● **Problem description**: In the material below, find every line containing "geometry" and copy that line.

● **Records provided**:
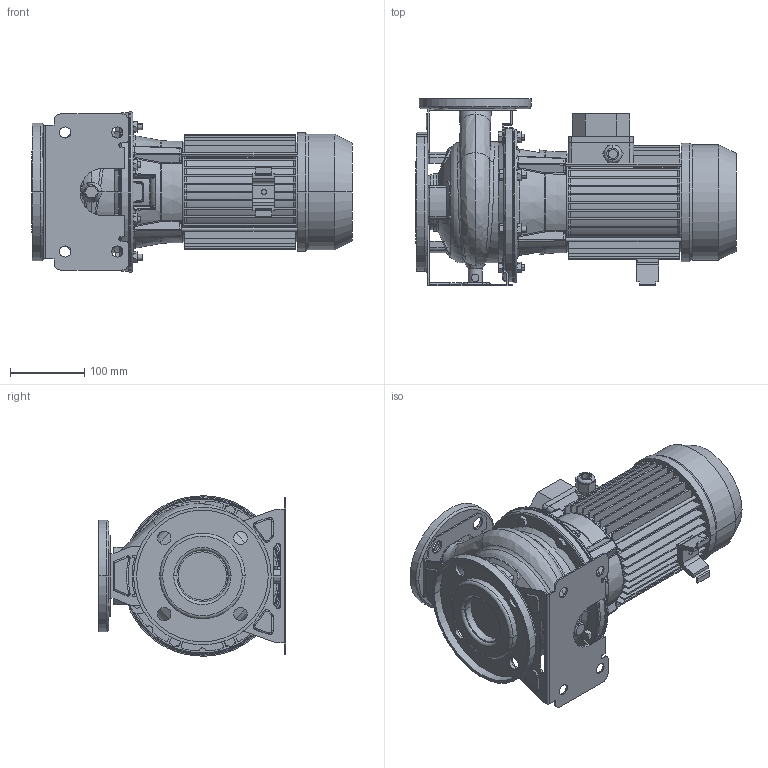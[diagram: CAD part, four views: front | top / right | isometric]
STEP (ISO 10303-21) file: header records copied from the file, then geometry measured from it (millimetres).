
FILE_DESCRIPTION((''),'2;1');
FILE_NAME('3M_40-125_1_5_IE3_ASM','2016-09-28T',('rosa'),('"Ebara Pumps Europe +39.444.706811"'),'PRO/ENGINEER BY PARAMETRIC TECHNOLOGY CORPORATION, 2012130','PRO/ENGINEER BY PARAMETRIC TECHNOLOGY CORPORATION, 2012130','');
FILE_SCHEMA(('AUTOMOTIVE_DESIGN { 1 0 10303 214 1 1 1 1 }'));
Products named in the file (13): CORPO_40-125_AF0; ASP_40-125; FLANGIA_DIN_65; MAND_40-125; FLANGIA_DIN_40; BASE_3M_40-125; CORPO_SALDATO_40-125_ASM; 80740; MEC_80X130_IE3; SOSTEGNO_72009; 72015; 6; 3M_40-125_1_5_IE3_ASM
Assembly tree (19 placements, depth 3):
  3M_40-125_1_5_IE3_ASM
    CORPO_SALDATO_40-125_ASM
      CORPO_40-125_AF0
      ASP_40-125
      FLANGIA_DIN_65
      MAND_40-125
      FLANGIA_DIN_40
      BASE_3M_40-125
    80740
    MEC_80X130_IE3
    SOSTEGNO_72009
    72015
    6  x8
Bounding box: 431 x 252 x 215.8 mm (x, y, z)
Volume: 4813390.6 mm3; surface area: 987833.9 mm2
Topology: 21 solids, 29 shells, 3289 faces, 8647 edges, 5302 vertices
Faces by surface type: plane 822, bspline 812, cylinder 732, cone 412, torus 386, sphere 73, extrusion 52
Entity records: 246939 total; most frequent: CARTESIAN_POINT 152806, ORIENTED_EDGE 16092, DIRECTION 12414, EDGE_CURVE 8047, VERTEX_POINT 5046, AXIS2_PLACEMENT_3D 5020, PRESENTATION_STYLE_ASSIGNMENT 4581, STYLED_ITEM 4581
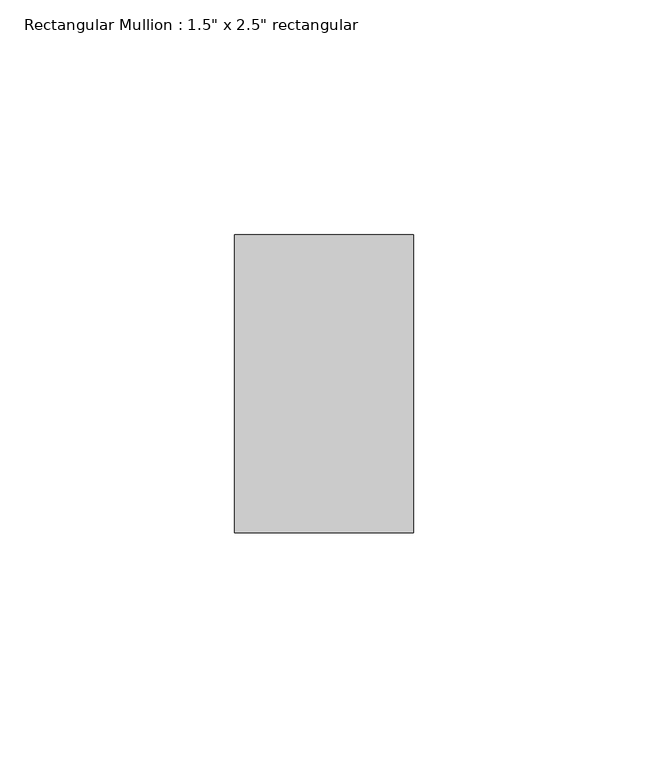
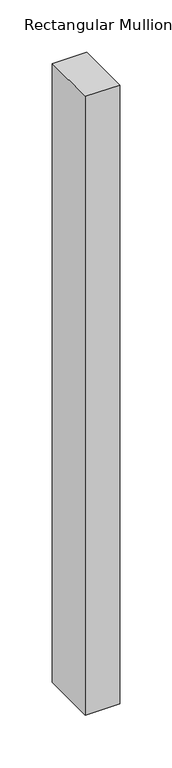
"""IFC4 building model written with IfcOpenShell, lengths in millimetres: member geometry."""

from ifc_helpers import new_model, si_unit, frame, origin, place, context, project, spatial, polyline, outline, extrude, source, transform, mapped, element, save


def member_b02eb1a0(model_context):
    return source(origin(), model_context, "Body", "SweptSolid", [
        extrude(outline(polyline([(19.05, 31.75), (19.05, -31.75), (-19.05, -31.75), (-19.05, 31.75), (19.05, 31.75)])), frame((0.0, 0.0, -724.8967257), z_axis=(0.0, 0.0, 1.0), x_axis=(1.0, 0.0, 0.0)), (0.0, 0.0, 1.0), 724.8967257),
    ])


if __name__ == "__main__":
    model = new_model("IFC4")
    model_context = context("Model", 3, world=origin())
    ifc_project = project(units=[si_unit("LENGTHUNIT", "METRE", prefix="MILLI")], contexts=[model_context])
    site = spatial("IfcSite", under=ifc_project)
    building = spatial("IfcBuilding", under=site)
    placement = place(None, origin())
    member_shape = member_b02eb1a0(model_context)
    element("IfcMember", 1, ObjectType="Rectangular Mullion : 1.5\" x 2.5\" rectangular", at=placement, inside=building, context=model_context, shape_type="MappedRepresentation", body=[
        mapped(member_shape, transform((0.0, 0.0, 0.0), x_axis=(1.0, 0.0, 0.0), y_axis=(0.0, 1.0, 0.0), z_axis=(0.0, 0.0, 1.0))),
    ])
    save(model, "model.ifc")

● **Expected answer**:
STEP (ISO 10303-21) file: header records copied from the file, then geometry measured from it (millimetres).
"""IFC4 building model written with IfcOpenShell, lengths in millimetres: member geometry."""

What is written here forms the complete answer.